Work request ::
Filter the records for "dimensions" and keep each line that has it.

*** Opening Input for this task ***

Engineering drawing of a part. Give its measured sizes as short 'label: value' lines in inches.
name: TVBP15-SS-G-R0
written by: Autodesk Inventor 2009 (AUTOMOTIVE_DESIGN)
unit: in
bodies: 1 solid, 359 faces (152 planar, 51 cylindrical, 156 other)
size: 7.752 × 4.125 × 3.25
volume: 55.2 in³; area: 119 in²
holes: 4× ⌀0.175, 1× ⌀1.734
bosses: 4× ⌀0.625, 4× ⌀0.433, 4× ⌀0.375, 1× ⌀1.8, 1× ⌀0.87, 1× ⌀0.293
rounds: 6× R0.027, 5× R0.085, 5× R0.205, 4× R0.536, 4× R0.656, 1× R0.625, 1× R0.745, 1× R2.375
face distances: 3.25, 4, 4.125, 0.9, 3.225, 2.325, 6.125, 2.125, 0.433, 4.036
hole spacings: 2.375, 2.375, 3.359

*** Closing Input for this task ***
*** Opening Input for this task ***

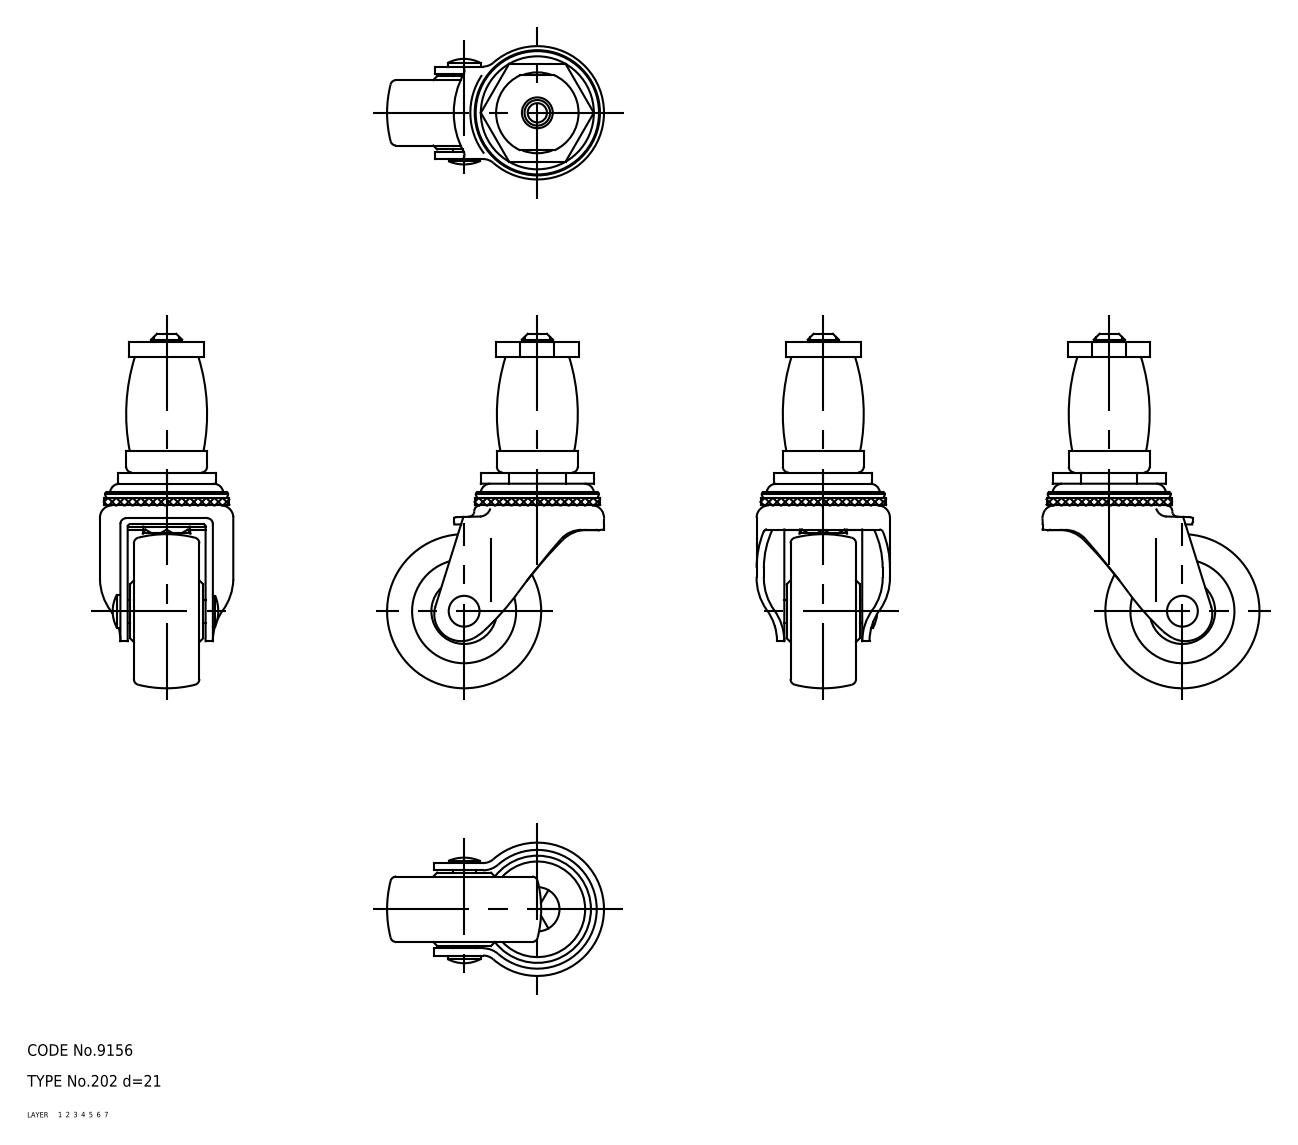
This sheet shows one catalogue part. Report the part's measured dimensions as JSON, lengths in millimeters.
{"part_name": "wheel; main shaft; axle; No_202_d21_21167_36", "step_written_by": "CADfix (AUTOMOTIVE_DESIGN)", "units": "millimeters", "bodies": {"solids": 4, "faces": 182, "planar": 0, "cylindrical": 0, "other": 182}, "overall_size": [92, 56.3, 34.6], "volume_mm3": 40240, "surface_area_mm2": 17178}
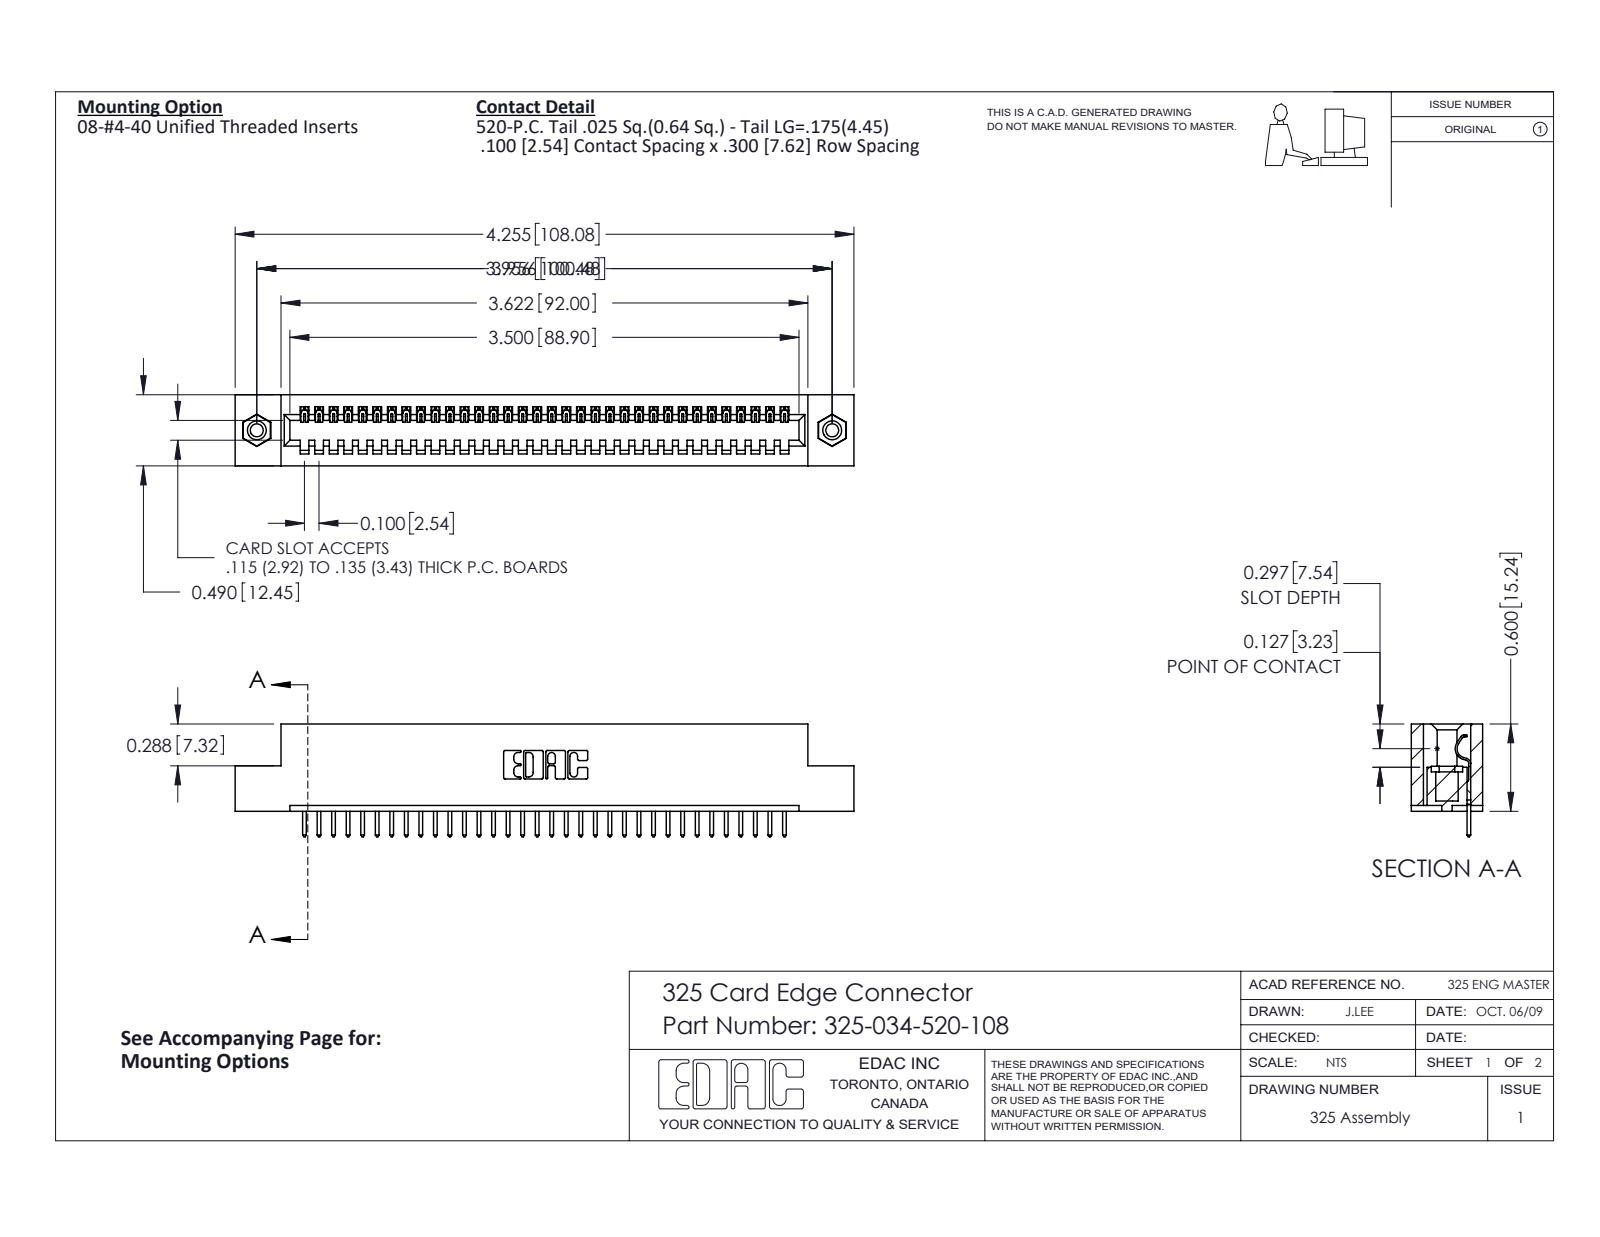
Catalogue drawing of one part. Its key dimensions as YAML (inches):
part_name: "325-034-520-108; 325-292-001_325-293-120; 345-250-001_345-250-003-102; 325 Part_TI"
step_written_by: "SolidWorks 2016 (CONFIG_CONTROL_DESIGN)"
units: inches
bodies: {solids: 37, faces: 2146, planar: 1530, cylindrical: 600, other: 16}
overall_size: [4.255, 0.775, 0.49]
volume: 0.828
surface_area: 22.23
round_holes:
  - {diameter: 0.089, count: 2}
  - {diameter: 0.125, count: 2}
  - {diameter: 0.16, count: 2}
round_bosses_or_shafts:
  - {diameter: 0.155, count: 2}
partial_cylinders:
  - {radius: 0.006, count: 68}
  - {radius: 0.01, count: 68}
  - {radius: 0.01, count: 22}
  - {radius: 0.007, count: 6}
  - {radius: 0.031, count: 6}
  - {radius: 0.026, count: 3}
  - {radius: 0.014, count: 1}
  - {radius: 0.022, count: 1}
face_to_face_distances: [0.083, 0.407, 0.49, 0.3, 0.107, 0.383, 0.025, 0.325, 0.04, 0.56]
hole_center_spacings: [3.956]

*** Closing Input for this task ***

Reply ::
This sheet shows one catalogue part. Report the part's measured dimensions as JSON, lengths in millimeters.
Catalogue drawing of one part. Its key dimensions as YAML (inches):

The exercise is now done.